Under federal and state securities laws, the offer and sale of all securities must be registered or an exemption from registration must be satisfied. Stock in a corporation is a security, and membership interests in a limited liability company are almost always deemed securities. Registration of the securities will not be an appealing alternative for the developer. As a result, he will need to work with counsel to identify federal and state exemptions from registration for what he is offering.
Exemptions From Registration
Most likely, the developer will seek to rely on the federal exemptions from registration provided by Regulation D, adopted under Section 4(2) of the Securities Act of 1933. That exemption permits the private offering (i.e., there can be no general solicitation or advertising) of interests in his new entity that meets the requirements of Regulation D, which have to do with the information provided to offerees, the requirement of a fairly simple notice filing with regulators, the financial standing and sophistication of offerees, and the manner of offering, among other things.
One of the principal concerns for developers is the prohibition on any general solicitation. To be safe, developers should offer interests only to people with whom they have a pre-existing relationship sufficient for them to have an understanding of the investor’s financial standing and business and investment sophistication.
For a private offering like this, the developer cannot seek investors at seminars, distribute flyers, or even mention his capital-raising process in press accounts of the overall project. Any publicity about the capital raising will likely cause the developer to lose the availability of a private offering exemption for some time.
In addition to identifying an exemption at the federal level, the developer will need to work with counsel to identify and comply with exemptions at the state level. For most Regulation D offerings, his compliance will be limited to making a notice filing (which is the same filing to be made with the SEC) and the payment of what is usually a fairly nominal fee.
In addition to identifying and satisfying exemptions at the federal and state levels, the developer must be certain that he discloses all material information about the potential investment to investors.
This requirement is separate and distinct from the exemption requirements, some of which also require specified disclosure.
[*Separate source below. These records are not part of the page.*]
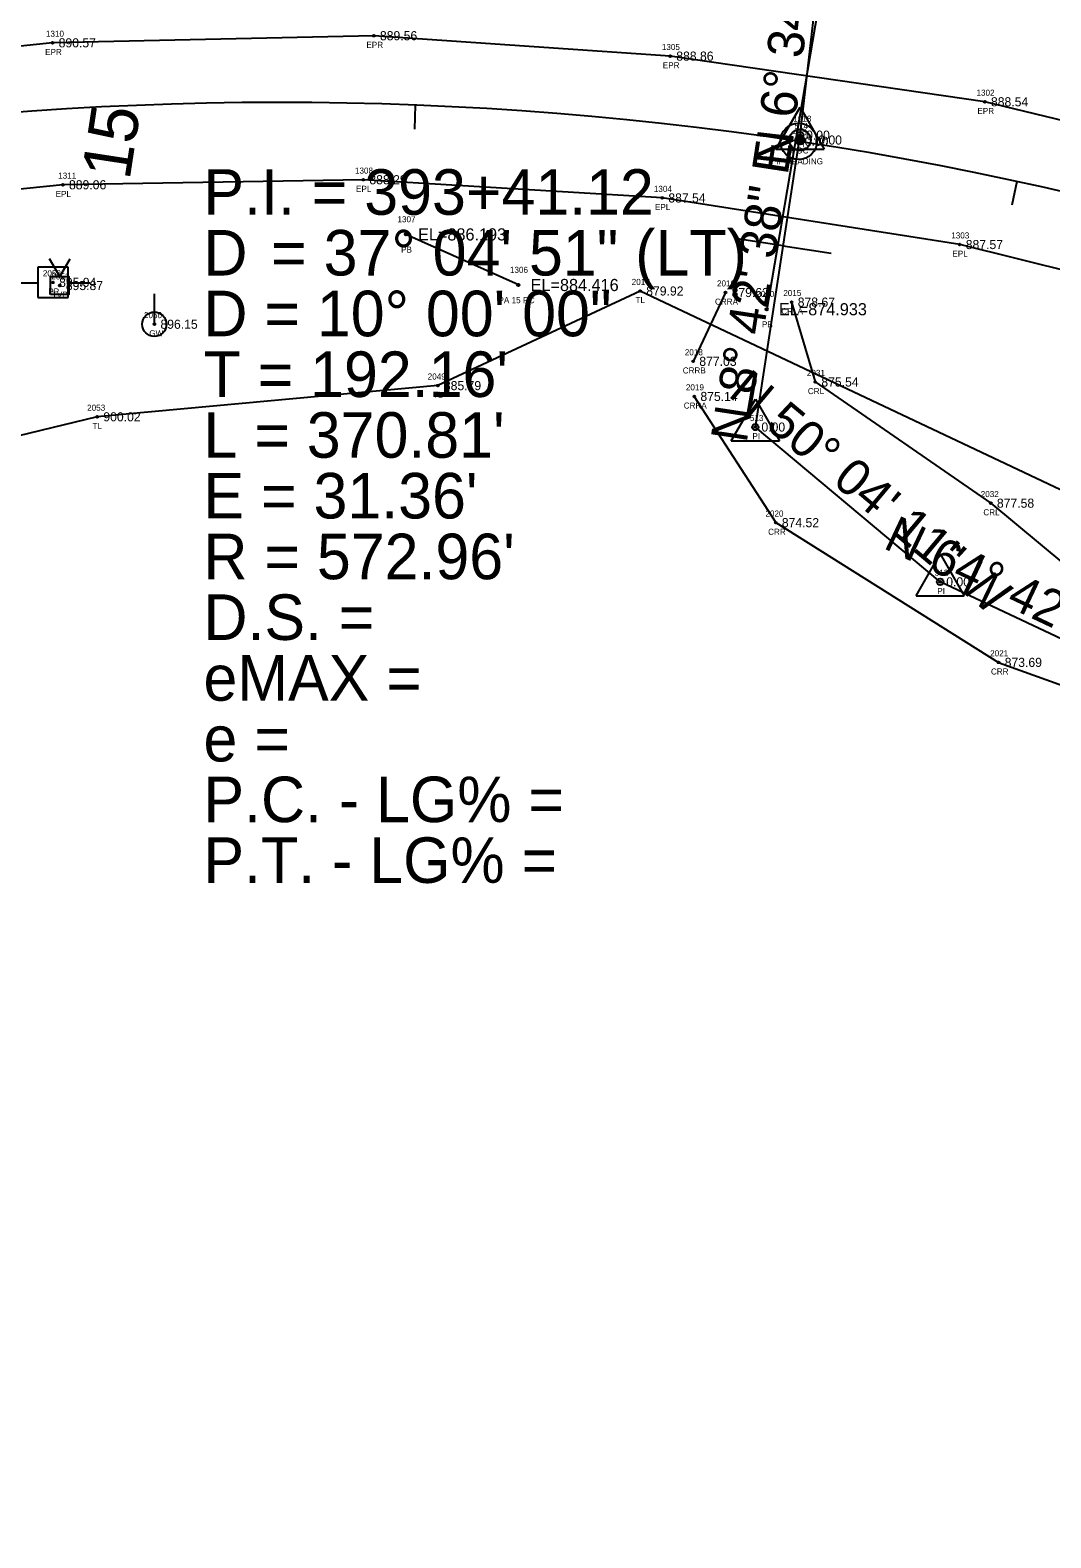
# Model space of a CAD drawing. Extents: x 1448136 to 1453623, y 1125056 to 1128842.
# Drawn here: x 1449083.5 to 1449251.5, y 1126696.2 to 1126944.4 of the extents above; entities that cross this region are included whole.
import ezdxf

# ---------------------------------------------------------------- set-up
doc = ezdxf.new("R2010")
doc.units = 0
for name, color, linetype in [('RD_EX_DR_Pipe', 7, 'Continuous'), ('RD_EX_DR_Pipe_txCode', 7, 'Continuous'), ('RD_EX_DV_Prop_txCode', 7, 'Continuous'), ('RD_EX_DV_PropPin', 7, 'Continuous'), ('RD_EX_H2O', 7, 'Continuous'), ('RD_EX_H2O_txCode', 7, 'Continuous'), ('RD_EX_Road', 7, 'Continuous'), ('RD_EX_Road_txCode', 7, 'Continuous'), ('RD_EX_TX_DV_Prop_ELEV', 7, 'Continuous'), ('RD_EX_TX_H2O_ELEV', 7, 'Continuous'), ('RD_EX_TX_Road_ELEV', 7, 'Continuous'), ('RD_EX_TX_UT_ELEV', 7, 'Continuous'), ('RD_EX_TX_VEG_ELEV', 7, 'Continuous'), ('RD_EX_UT', 7, 'Continuous'), ('RD_EX_UT_txCode', 7, 'Continuous'), ('RD_EX_VEG', 7, 'Continuous'), ('RD_EX_VEG_txCode', 7, 'Continuous'), ('RD_HC_Cl', 7, 'Continuous'), ('RD_HC_Data', 7, 'Continuous'), ('RD_HC_Data_Tic', 7, 'Continuous'), ('RD_HC_Survey_ELEV', 7, 'Continuous'), ('RD_HC_TX_Sta50', 7, 'Continuous'), ('RD_HC_txCode', 7, 'Continuous'), ('RD_SMD_Locator', 7, 'Continuous'), ('RD_TX_Pipe_ElevEX', 7, 'Continuous')]:
    doc.layers.add(name, color=color, linetype=linetype)

msp = doc.modelspace()

# ---------------------------------------------------------------- linework, layer by layer
at = {"layer": 'RD_EX_DR_Pipe'}
for p, q in [((1449214.42, 1126955.17), (1449204.75, 1126898.45)), ((1449163.87, 1126902.44), (1449145.33, 1126910.77))]:
    msp.add_line(p, q, dxfattribs=at)
at = {"layer": 'RD_EX_DV_PropPin'}
for p, q in [((1449209.5, 1126926.11), (1449209.5, 1126926.5)), ((1449209.54, 1126926.01), (1449209.54, 1126926.61)), ((1449209.57, 1126925.94), (1449209.57, 1126926.68)), ((1449209.61, 1126925.88), (1449209.61, 1126926.74)), ((1449209.64, 1126925.83), (1449209.64, 1126926.78)), ((1449209.68, 1126925.79), (1449209.68, 1126926.82)), ((1449209.71, 1126925.76), (1449209.71, 1126926.86)), ((1449209.75, 1126925.73), (1449209.75, 1126926.89)), ((1449209.78, 1126925.7), (1449209.78, 1126926.92)), ((1449209.82, 1126925.67), (1449209.82, 1126926.94)), ((1449209.85, 1126925.65), (1449209.85, 1126926.96)), ((1449209.89, 1126925.63), (1449209.89, 1126926.98)), ((1449209.92, 1126925.62), (1449209.92, 1126927)), ((1449209.96, 1126925.6), (1449209.96, 1126927.02)), ((1449209.99, 1126925.59), (1449209.99, 1126927.03)), ((1449210.03, 1126925.58), (1449210.03, 1126927.04)), ((1449210.06, 1126925.57), (1449210.06, 1126927.05)), ((1449210.1, 1126925.56), (1449210.1, 1126927.06)), ((1449210.13, 1126925.55), (1449210.13, 1126927.06)), ((1449210.17, 1126925.55), (1449210.17, 1126927.07)), ((1449210.2, 1126925.55), (1449210.2, 1126927.07)), ((1449210.24, 1126925.55), (1449210.24, 1126927.07)), ((1449210.27, 1126925.55), (1449210.27, 1126927.07)), ((1449210.31, 1126925.55), (1449210.31, 1126927.07)), ((1449210.34, 1126925.55), (1449210.34, 1126927.06)), ((1449210.38, 1126925.56), (1449210.38, 1126927.06)), ((1449210.41, 1126925.57), (1449210.41, 1126927.05)), ((1449210.45, 1126925.58), (1449210.45, 1126927.04)), ((1449210.48, 1126925.59), (1449210.48, 1126927.03)), ((1449210.52, 1126925.6), (1449210.52, 1126927.02)), ((1449210.55, 1126925.62), (1449210.55, 1126927)), ((1449210.59, 1126925.63), (1449210.59, 1126926.98)), ((1449210.62, 1126925.65), (1449210.62, 1126926.96)), ((1449210.66, 1126925.67), (1449210.66, 1126926.94)), ((1449210.69, 1126925.7), (1449210.69, 1126926.92)), ((1449210.73, 1126925.73), (1449210.73, 1126926.89)), ((1449210.76, 1126925.76), (1449210.76, 1126926.86)), ((1449210.8, 1126925.79), (1449210.8, 1126926.82)), ((1449210.83, 1126925.83), (1449210.83, 1126926.78)), ((1449210.87, 1126925.88), (1449210.87, 1126926.74)), ((1449210.9, 1126925.94), (1449210.9, 1126926.68)), ((1449210.94, 1126926.01), (1449210.94, 1126926.61)), ((1449210.97, 1126926.11), (1449210.97, 1126926.5))]:
    msp.add_line(p, q, dxfattribs=at)
for radius in [1.75, 0.761]:
    msp.add_circle((1449210.24, 1126926.31), radius, dxfattribs=at)
at = {"layer": 'RD_EX_H2O'}
msp.add_line((1449197.97, 1126901.2), (1449192.65, 1126889.87), dxfattribs=at)
for points in [[(1449208.86, 1126899.62), (1449212.75, 1126886.47), (1449241.66, 1126866.52), (1449270.24, 1126842.78), (1449281.51, 1126821.49), (1449278.98, 1126797.31), (1449268.67, 1126769.23), (1449277.63, 1126757.82), (1449294.57, 1126788.83), (1449310.34, 1126786.1), (1449345.24, 1126766.4), (1449396.68, 1126720.02), (1449415.79, 1126685.66), (1449412.26, 1126639.96), (1449451.97, 1126613.73)], [(1449192.83, 1126884.09), (1449206.24, 1126863.31), (1449242.94, 1126840.31), (1449264.95, 1126832.37), (1449267.51, 1126794.69), (1449256.98, 1126771.22), (1449273.47, 1126746.24), (1449292.55, 1126757.46), (1449299.74, 1126772.91), (1449318.83, 1126758.93), (1449342.3, 1126750.49), (1449381.5, 1126709), (1449403.98, 1126679.1), (1449387.22, 1126637.03), (1449449.83, 1126593.98)]]:
    msp.add_lwpolyline(points, dxfattribs=at)
at = {"layer": 'RD_EX_Road'}
for points in [[(1449482.54, 1126860.68), (1449432.31, 1126877.02), (1449388.08, 1126891.1), (1449338.36, 1126907.04), (1449288.58, 1126921), (1449240.68, 1126932.6), (1449188.86, 1126940.12), (1449140.06, 1126943.48), (1449087.15, 1126942.31), (1449035.96, 1126936.97), (1449031.74, 1126936.28), (1449027.6, 1126937.81), (1449023.03, 1126937.4), (1448974.11, 1126927.16), (1448972.81, 1126925.93), (1448941.11, 1126916.24), (1448934.6, 1126912.22), (1448888.05, 1126895.64)], [(1449474.36, 1126838.35), (1449426.72, 1126853.6), (1449379.49, 1126868.74), (1449332.07, 1126883.87), (1449284.48, 1126897.19), (1449236.53, 1126909.1), (1449187.55, 1126916.77), (1449138.32, 1126919.77), (1449088.85, 1126918.94), (1449039.71, 1126913.91), (1448991.01, 1126903.73), (1448942.83, 1126890.02), (1448896.24, 1126874.12)]]:
    msp.add_lwpolyline(points, dxfattribs=at)
at = {"layer": 'RD_EX_UT'}
for p, q in [((1449089.71, 1126905.38), (1449084.71, 1126905.38)), ((1449084.71, 1126905.38), (1449084.71, 1126900.38)), ((1449088.33, 1126903.85), (1449086.66, 1126906.74)), ((1449088.33, 1126903.85), (1449090.07, 1126906.74)), ((1449089.71, 1126900.38), (1449089.71, 1126905.38)), ((1449081.28, 1126902.82), (1449084.75, 1126902.82)), ((1449089.64, 1126902.82), (1449093.28, 1126902.82)), ((1449084.71, 1126900.38), (1449089.71, 1126900.38)), ((1449103.91, 1126895.98), (1449103.91, 1126900.98))]:
    msp.add_line(p, q, dxfattribs=at)
msp.add_lwpolyline([(1449086.83, 1126900.85), (1449086.83, 1126903.85), (1449089.83, 1126903.85), (1449089.83, 1126900.85)], close=True, dxfattribs=at)
msp.add_circle((1449103.91, 1126895.98), 2, dxfattribs=at)
at = {"layer": 'RD_EX_VEG'}
msp.add_lwpolyline([(1449580.16, 1126756.85), (1449515.49, 1126772.44), (1449452.16, 1126796.48), (1449411.7, 1126813.35), (1449361.89, 1126826.23), (1449322.6, 1126840.71), (1449267.19, 1126862.08), (1449183.91, 1126901.45), (1449150.59, 1126885.87), (1449094.51, 1126880.74), (1449046.23, 1126869.03), (1449021.78, 1126857.03), (1449018.91, 1126811.39)], dxfattribs=at)
at = {"layer": 'RD_HC_Cl'}
for p, q in [((1449210.24, 1126927.11), (1449215.21, 1126970.22)), ((1449202.88, 1126879.05), (1449210.24, 1126927.11)), ((1449233.32, 1126853.57), (1449202.88, 1126879.05)), ((1449266.92, 1126837.7), (1449233.32, 1126853.57))]:
    msp.add_line(p, q, dxfattribs=at)
msp.add_arc((1449124.53, 1126359.54), 572.96, 72.66042, 109.74133, dxfattribs=at)
at = {"layer": 'RD_HC_Data'}
for p, q in [((1449206.27, 1126924.82), (1449210.24, 1126931.7)), ((1449210.24, 1126931.7), (1449214.21, 1126924.82)), ((1449206.27, 1126924.82), (1449214.21, 1126924.82)), ((1449198.9, 1126876.76), (1449202.88, 1126883.64)), ((1449202.88, 1126883.64), (1449206.85, 1126876.76)), ((1449198.9, 1126876.76), (1449206.85, 1126876.76)), ((1449229.34, 1126851.28), (1449233.32, 1126858.16)), ((1449233.32, 1126858.16), (1449237.29, 1126851.28)), ((1449229.34, 1126851.28), (1449237.29, 1126851.28))]:
    msp.add_line(p, q, dxfattribs=at)
for centre, radius in [((1449210, 1126926.09), 3), ((1449210.24, 1126927.11), 0.529), ((1449210, 1126926.09), 0.282), ((1449202.88, 1126879.05), 0.529), ((1449233.32, 1126853.57), 0.529)]:
    msp.add_circle(centre, radius, dxfattribs=at)
at = {"layer": 'RD_HC_Data_Tic'}
for p, q in [((1449146.88, 1126932.07), (1449146.73, 1126928.07)), ((1449245.96, 1126919.49), (1449245.11, 1126915.58)), ((1449207.45, 1126908.9), (1449199.54, 1126910.11)), ((1449207.45, 1126908.9), (1449215.36, 1126907.69))]:
    msp.add_line(p, q, dxfattribs=at)
at = {"layer": 'RD_SMD_Locator'}
for centre, radius in [((1449087.15, 1126942.31), 0.15), ((1449140.06, 1126943.48), 0.15), ((1449188.86, 1126940.12), 0.15), ((1449240.68, 1126932.6), 0.15), ((1449210.24, 1126927.11), 0.15), ((1449210, 1126926.09), 0.15), ((1449210.24, 1126926.31), 0.15), ((1449138.32, 1126919.77), 0.15), ((1449088.85, 1126918.94), 0.15), ((1449187.55, 1126916.77), 0.15), ((1449145.33, 1126910.77), 0.2), ((1449236.53, 1126909.1), 0.15), ((1449087.22, 1126902.87), 0.15), ((1449088.33, 1126902.35), 0.15), ((1449163.87, 1126902.44), 0.2), ((1449183.91, 1126901.45), 0.15), ((1449197.97, 1126901.2), 0.15), ((1449204.75, 1126898.45), 0.2), ((1449208.86, 1126899.62), 0.15), ((1449103.91, 1126895.98), 0.15), ((1449192.65, 1126889.87), 0.15), ((1449150.59, 1126885.87), 0.15), ((1449212.75, 1126886.47), 0.15), ((1449192.83, 1126884.09), 0.15), ((1449094.51, 1126880.74), 0.15), ((1449202.88, 1126879.05), 0.15), ((1449241.66, 1126866.52), 0.15), ((1449206.24, 1126863.31), 0.15), ((1449233.32, 1126853.57), 0.15), ((1449242.94, 1126840.31), 0.15)]:
    msp.add_circle(centre, radius, dxfattribs=at)

# ---------------------------------------------------------------- texts
at = {"layer": 'RD_EX_DR_Pipe_txCode'}
for s, p in [('1307', (1449143.94, 1126912.77)), ('PB', (1449144.55, 1126907.77)), ('1306', (1449162.46, 1126904.44)), ('PA 15 RC', (1449160.58, 1126899.44)), ('2030', (1449203.04, 1126900.45)), ('PB', (1449203.97, 1126895.45))]:
    msp.add_text(s, height=1, dxfattribs=at).set_placement(p)
at = {"layer": 'RD_EX_DV_Prop_txCode'}
for s, p in [('1018', (1449209.14, 1126929.31)), ('IP READING', (1449206.3, 1126922.31))]:
    msp.add_text(s, height=1, dxfattribs=at).set_placement(p)
at = {"layer": 'RD_EX_H2O_txCode'}
for s, p in [('2016', (1449196.56, 1126902.2)), ('CRRA', (1449196.23, 1126899.2)), ('2015', (1449207.48, 1126900.62)), ('CRLA', (1449207.15, 1126897.62)), ('2018', (1449191.26, 1126890.87)), ('CRRB', (1449190.92, 1126887.87)), ('2031', (1449211.37, 1126887.47)), ('2019', (1449191.44, 1126885.09)), ('CRL', (1449211.53, 1126884.47)), ('CRRA', (1449191.09, 1126882.09)), ('2032', (1449239.99, 1126867.52)), ('2020', (1449204.54, 1126864.31)), ('CRL', (1449240.43, 1126864.52)), ('CRR', (1449204.99, 1126861.31)), ('2021', (1449241.55, 1126841.31)), ('CRR', (1449241.68, 1126838.31))]:
    msp.add_text(s, height=1, dxfattribs=at).set_placement(p)
at = {"layer": 'RD_EX_Road_txCode'}
for s, p in [('1310', (1449086.05, 1126943.31)), ('EPR', (1449138.83, 1126941.48)), ('EPR', (1449085.92, 1126940.31)), ('1305', (1449187.48, 1126941.12)), ('EPR', (1449187.64, 1126938.12)), ('1302', (1449239.3, 1126933.6)), ('EPR', (1449239.45, 1126930.6)), ('1311', (1449088.07, 1126919.94)), ('1308', (1449136.94, 1126920.77)), ('EPL', (1449087.65, 1126916.94)), ('EPL', (1449137.12, 1126917.77)), ('1304', (1449186.16, 1126917.77)), ('EPL', (1449186.35, 1126914.77)), ('1303', (1449235.14, 1126910.1)), ('EPL', (1449235.32, 1126907.1))]:
    msp.add_text(s, height=1, dxfattribs=at).set_placement(p)
at = {"layer": 'RD_EX_TX_DV_Prop_ELEV'}
msp.add_text('0.00', height=1.5, dxfattribs=at).set_placement((1449213.24, 1126925.56))
at = {"layer": 'RD_EX_TX_H2O_ELEV'}
for s, p in [('879.62', (1449198.97, 1126900.45)), ('878.67', (1449209.86, 1126898.87)), ('877.03', (1449193.65, 1126889.12)), ('875.54', (1449213.75, 1126885.72)), ('875.14', (1449193.83, 1126883.34)), ('877.58', (1449242.66, 1126865.77)), ('874.52', (1449207.24, 1126862.56)), ('873.69', (1449243.94, 1126839.56))]:
    msp.add_text(s, height=1.5, dxfattribs=at).set_placement(p)
at = {"layer": 'RD_EX_TX_Road_ELEV'}
for s, p in [('890.57', (1449088.15, 1126941.56)), ('889.56', (1449141.06, 1126942.73)), ('888.86', (1449189.86, 1126939.37)), ('888.54', (1449241.68, 1126931.85)), ('888.29', (1449139.32, 1126919.02)), ('889.06', (1449089.85, 1126918.19)), ('887.54', (1449188.55, 1126916.02)), ('887.57', (1449237.53, 1126908.35))]:
    msp.add_text(s, height=1.5, dxfattribs=at).set_placement(p)
at = {"layer": 'RD_EX_TX_UT_ELEV'}
for s, p in [('895.87', (1449089.33, 1126901.6)), ('896.15', (1449104.91, 1126895.23))]:
    msp.add_text(s, height=1.5, dxfattribs=at).set_placement(p)
at = {"layer": 'RD_EX_TX_VEG_ELEV'}
for s, p in [('879.92', (1449184.91, 1126900.7)), ('885.79', (1449151.59, 1126885.12)), ('900.02', (1449095.51, 1126879.99))]:
    msp.add_text(s, height=1.5, dxfattribs=at).set_placement(p)
at = {"layer": 'RD_EX_UT_txCode'}
for s, p in [('2052', (1449085.55, 1126903.87)), ('2051', (1449086.94, 1126903.35)), ('PP', (1449086.44, 1126900.87)), ('TVP', (1449087.05, 1126900.35)), ('2050', (1449102.2, 1126896.98)), ('GW', (1449103.07, 1126893.98))]:
    msp.add_text(s, height=1, dxfattribs=at).set_placement(p)
at = {"layer": 'RD_EX_VEG_txCode'}
for s, p in [('2017', (1449182.52, 1126902.45)), ('TL', (1449183.14, 1126899.45)), ('2049', (1449148.92, 1126886.87)), ('2053', (1449092.84, 1126881.74)), ('TL', (1449149.82, 1126883.87)), ('TL', (1449093.74, 1126878.74))]:
    msp.add_text(s, height=1, dxfattribs=at).set_placement(p)
at = {"layer": 'RD_HC_Data'}
for s, rotation, p in [('N 6%%d 34\' 55" E', 83.4179, (1449208.62, 1126921.82)), ('N 8%%d 42\' 38" E', 81.2896, (1449201.44, 1126876.31)), ('N 50%%d 04\' 11" W', 320.0697, (1449198.21, 1126884.26)), ('N 64%%d 42\' 53" W', 334.7147, (1449223.74, 1126859.2))]:
    msp.add_text(s, height=6, rotation=rotation, dxfattribs=at).set_placement(p)
for s, p in [('P.I. = 393+41.12', (1449112, 1126914)), ('D', (1449112, 1126904)), ('    = 37%%d 04\' 51" (LT)', (1449112, 1126904)), ('D = 10%%d 00\' 00"', (1449112, 1126894)), ("T = 192.16'", (1449112, 1126884)), ("L = 370.81'", (1449112, 1126874)), ("E = 31.36'", (1449112, 1126864)), ("R = 572.96'", (1449112, 1126854)), ('D.S. = ', (1449112, 1126844)), ('eMAX = ', (1449112, 1126834)), ('e = ', (1449112, 1126824)), ('P.C. - LG% = ', (1449112, 1126814)), ('P.T. - LG% = ', (1449112, 1126804))]:
    msp.add_text(s, height=7.5, dxfattribs=at).set_placement(p)
at = {"layer": 'RD_HC_Survey_ELEV'}
for s, p in [('0.00', (1449211.24, 1126926.36)), ('0.00', (1449211, 1126925.34)), ('895.94', (1449088.22, 1126902.12)), ('0.00', (1449203.88, 1126878.3)), ('0.00', (1449234.32, 1126852.82))]:
    msp.add_text(s, height=1.5, dxfattribs=at).set_placement(p)
at = {"layer": 'RD_HC_TX_Sta50'}
msp.add_text('15', height=8, rotation=81.2896, dxfattribs=at).set_placement((1449099.82, 1126919.56))
at = {"layer": 'RD_HC_txCode'}
for s, p in [('415', (1449209.11, 1126927.09)), ('514', (1449209.34, 1126928.11)), ('POC', (1449208.74, 1126924.09)), ('PI', (1449209.77, 1126925.11)), ('513', (1449201.98, 1126880.05)), ('PI', (1449202.4, 1126877.05)), ('512', (1449232.42, 1126854.57)), ('PI', (1449232.84, 1126851.57))]:
    msp.add_text(s, height=1, dxfattribs=at).set_placement(p)
at = {"layer": 'RD_TX_Pipe_ElevEX'}
for s, p in [('EL=886.193', (1449147.33, 1126909.77)), ('EL=884.416', (1449165.87, 1126901.44)), ('EL=874.933', (1449206.75, 1126897.45))]:
    msp.add_text(s, height=2, dxfattribs=at).set_placement(p)

doc.saveas('drawing.dxf')

The material information requirements, sometimes called the anti-fraud rules, means the developer must disclose to prospective investors all information that a reasonable investor would want to consider in evaluating the investment.
Certain items are almost always deemed material, such as any compensation the developer is taking as the promoter of the investment or manager of the company and any conflicts of interest he may have in the project (for example, if the developer’s construction company will likely be the general contractor for construction work).
Compliance with the anti-fraud rules would usually be accomplished by the developer preparing a disclosure document and sharing it with potential investors. In this way, there is a reduced chance of later disagreements about what was disclosed.
There are other federal and state securities laws and rules that often impact the offer and sale of securities in these types of projects. For example, if there is a minimum amount of equity that must be raised or if there is some other contingency (for example, zoning approval) that must be met before an offering is completed, special rules apply to the handling of investor funds pending satisfaction of raising the minimum or satisfying the contingency.
Close consultation with securities counsel would be a wise move for developers to ensure compliance with the exemption, disclosure and other applicable rules.
Failure to comply can result in real pain for developers.
Loren Andrulis is an attorney with Warner Norcross & Judd LLP in Grand Rapids. He concentrates his practice in real estate, securities and business services.